This Essay makes two modest moves. First, it identifies the circuitous path of the United States Supreme Court’s Dormant Commerce Clause case law. I describe the different legal doctrines and tests utilized by the U.S. Supreme Court since the beginning of the Republic to navigate the tension between, on the one hand, the reserved police power of individual states to regulate in their citizens’ interests and, on the other hand, the Interstate Commerce Clause’s grant of power to the federal government to make the United States free from interstate trade barriers.

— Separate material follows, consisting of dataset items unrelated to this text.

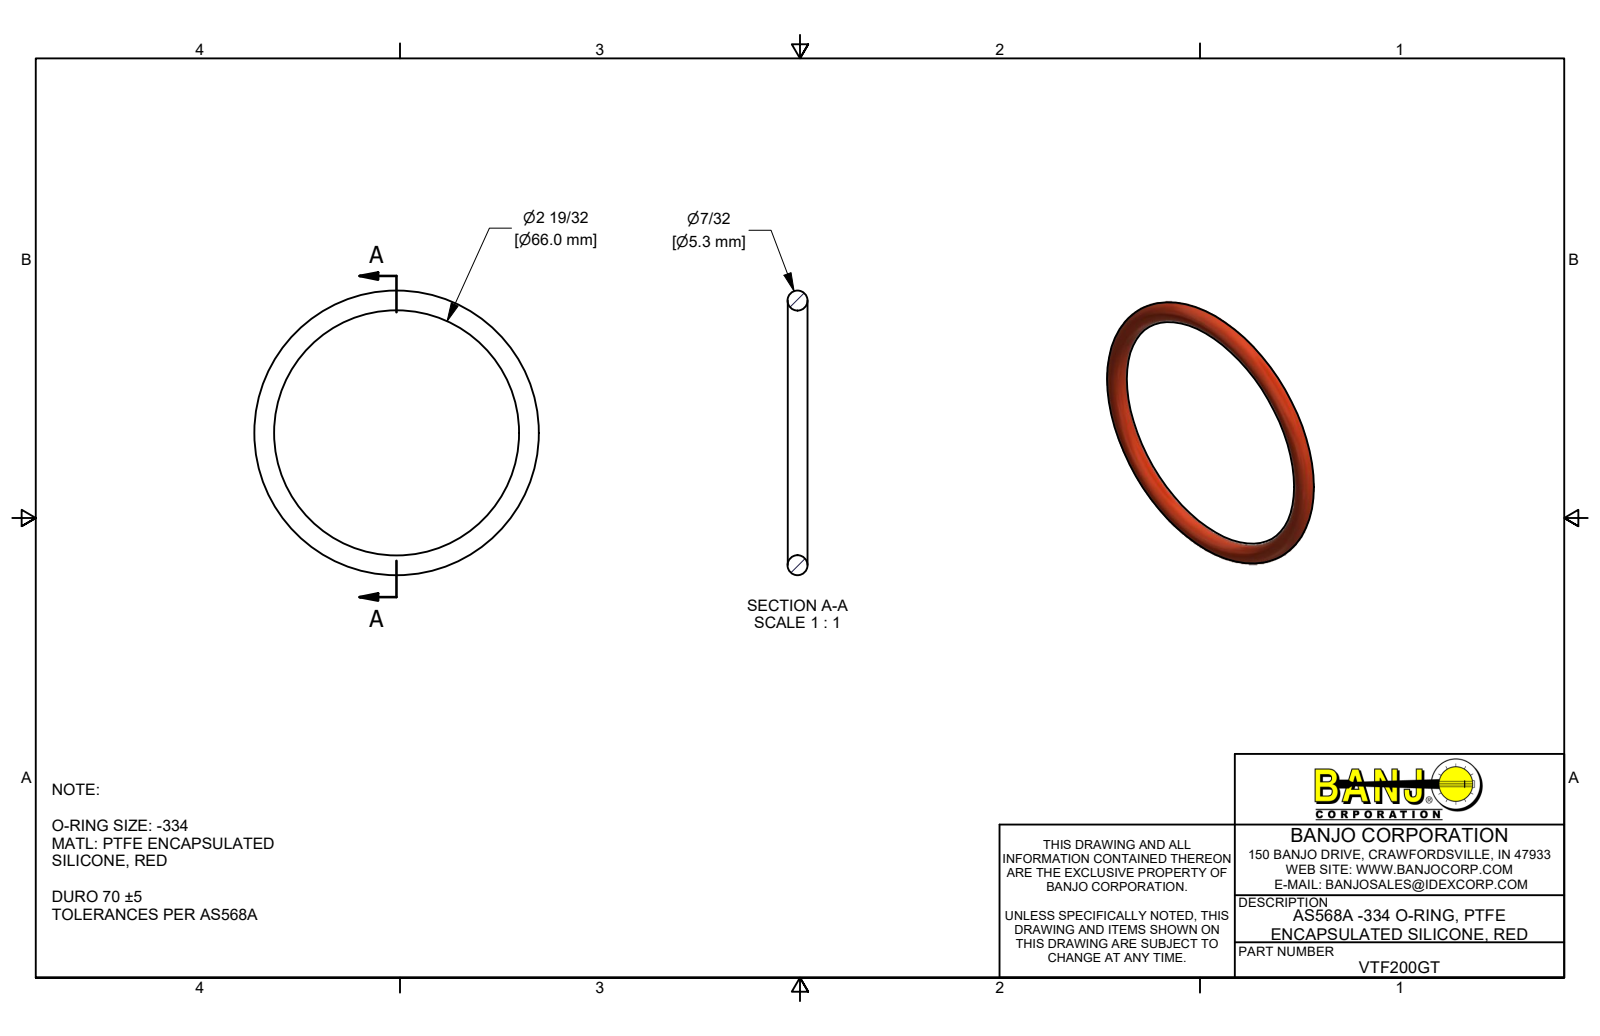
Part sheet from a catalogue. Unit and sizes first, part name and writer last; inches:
Units: inches
Overall size (bounding box): 3.02 × 3.02 × 0.21
Volume: 0.306 in³ · Surface area: 5.824 in²
Bodies: 1 solid, 1 faces (0 planar, 0 cylindrical, 1 other)
Part name (STEP PRODUCT): VTF200GT
STEP written by: Autodesk Inventor 2019 (AUTOMOTIVE_DESIGN)
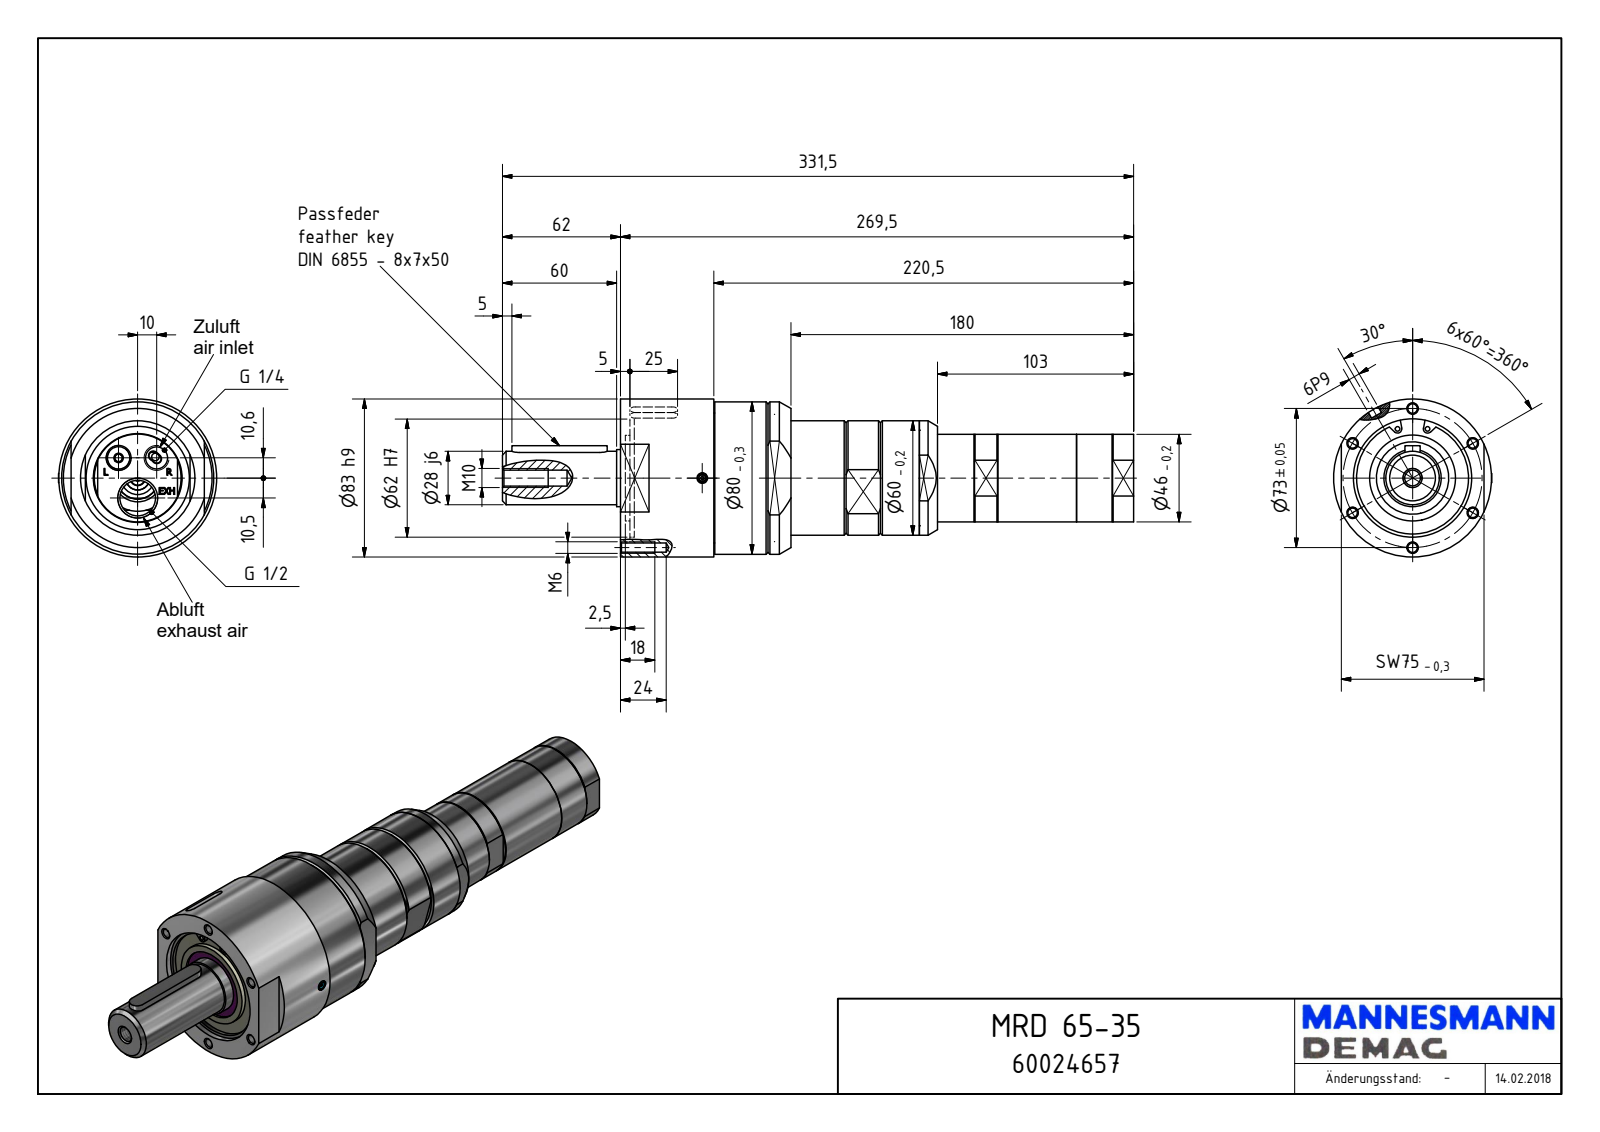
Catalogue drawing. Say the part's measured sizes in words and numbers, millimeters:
The part is named "MRD 65-35_60024657". Its 3-D file was written by "Autodesk Inventor 2018 (AUTOMOTIVE_DESIGN)". It is 1 solid with 261 faces: 137 planar, 64 cylindrical and 60 other. Overall it measures 331.5 by 83 by 83 millimeters. Its volume is 871 595 cubic millimeters and its surface area 79 653 square millimeters. Round holes: 6 of diameter 4.92, 3 of diameter 1.55, 3 of diameter 4, 2 of diameter 5.5, 1 of diameter 8.38, 1 of diameter 11.45, 1 of diameter 18.63, 1 of diameter 46.5, 1 of diameter 62, 1 of diameter 68.38. Round bosses or shafts: 2 of diameter 5, 2 of diameter 3.6, 1 of diameter 83, 1 of diameter 80, 1 of diameter 68.18, 1 of diameter 60, 1 of diameter 53.14, 1 of diameter 46. Partial cylindrical surfaces (rounded edges, fillets, slot ends): 2 of radius 3, 2 of radius 4, 2 of radius 5, 1 of radius 5.72, 1 of radius 18.31, 1 of radius 19, 1 of radius 25.41, 1 of radius 32.5. The main face-to-face distances are 1.31, 49, 47.69, 89.5, 88.19, 40.5, 49.5, 0.5, 48.19, 40. The hole center spacings are 36.5, 63.22, 73, 14.57, 22.92, 23.35, 27.76, 32.55.
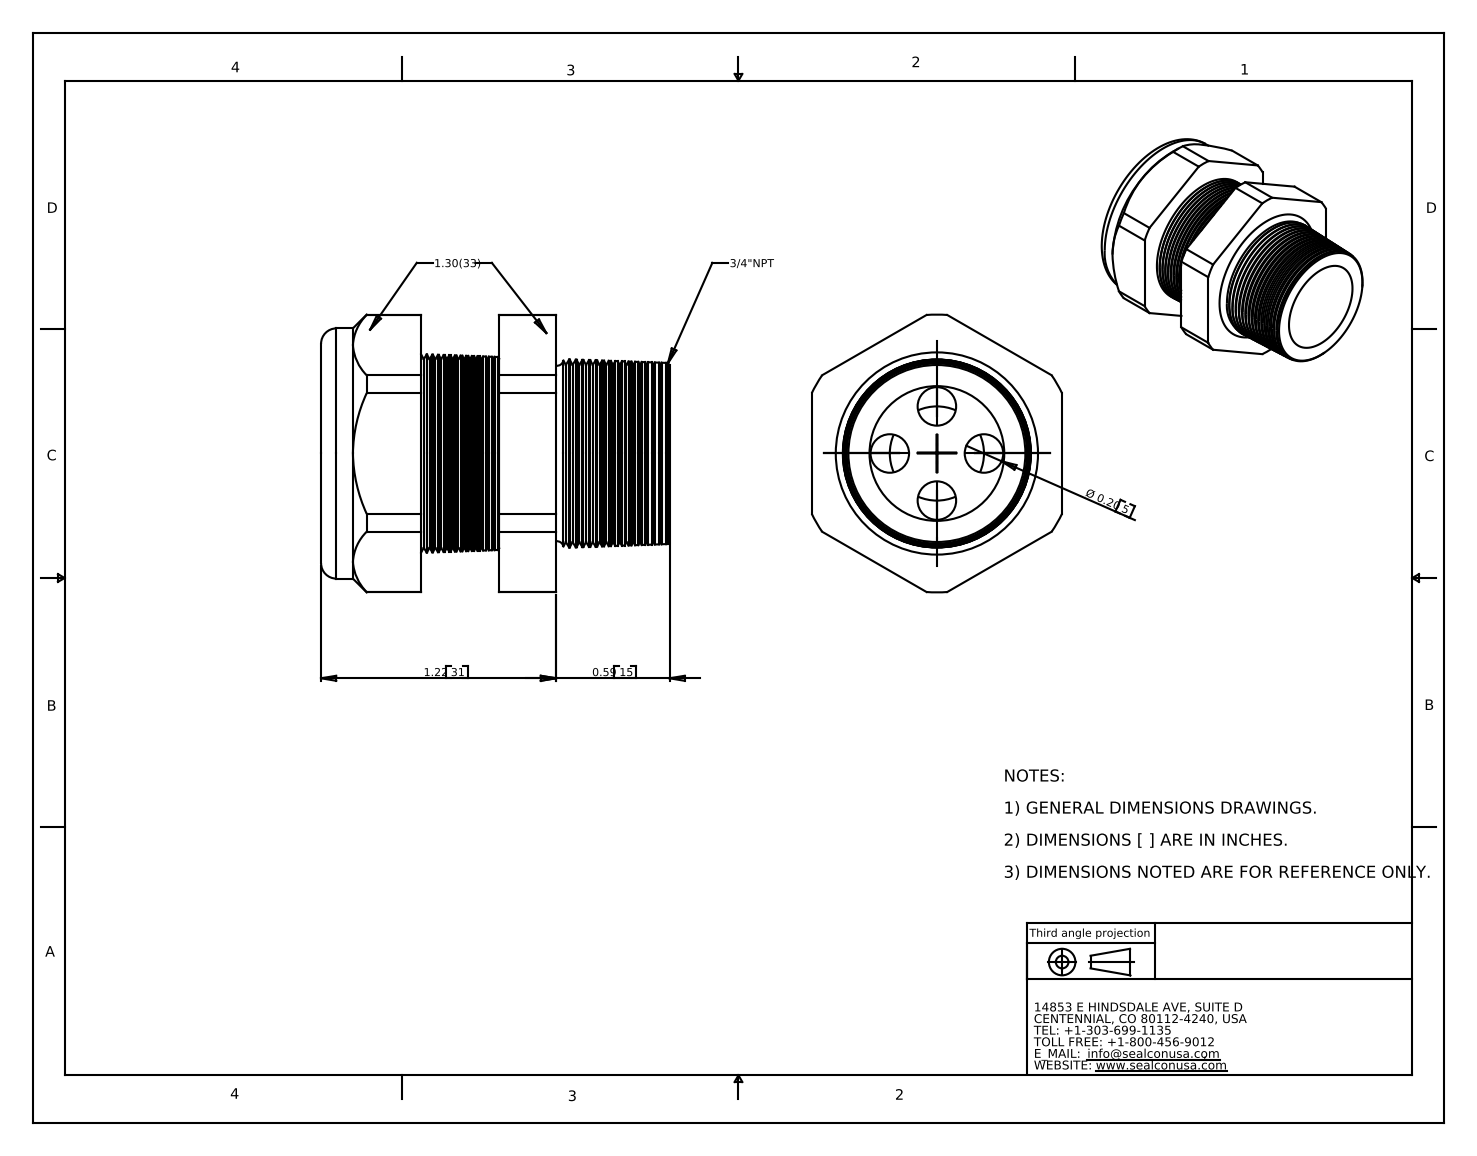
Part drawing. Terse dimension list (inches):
name: CD21N6-GY
written by: SolidWorks 2007 (CONFIG_CONTROL_DESIGN)
unit: in
bodies: 2 solids, 236 faces (20 planar, 28 cylindrical, 188 other)
size: 1.77 × 1.443 × 1.3
volume: 1.249 in³; area: 17.92 in²
holes: 4× ⌀0.2, 1× ⌀0.69, 1× ⌀0.71
bosses: 1× ⌀1.3
rounds: 1× R0.721
face distances: 1.3, 0.925, 0.52, 0.405, 1.22, 0.7, 0.295, 1.77, 1.25, 0.845
hole spacings: 0.244, 0.346, 0.489

Second, I suggest three potential lessons from the Supreme Court’s experience for international free trade arrangements. First, the Supreme Court’s Dormant Commerce Clause case law shows that the line between legitimate state regulation in its citizens’ interest and illegitimate state regulation of interstate commerce, is intractable. Second, the Supreme Court’s Dormant Commerce Clause case law suggests that there is a relationship between institutional competence and the efficacy of different modes of analysis to ascertain whether a state regulation is legitimate or illegitimate. Third, the Court’s Dormant Commerce Clause case law shows the influence of different conceptions of sovereignty on the Court’s analysis.

Thank you to Professor Csongor Nagy for organizing this conference and inviting me to speak, for the conference participants’ comments and suggestions, and for valuable research assistance by Jacob Williams.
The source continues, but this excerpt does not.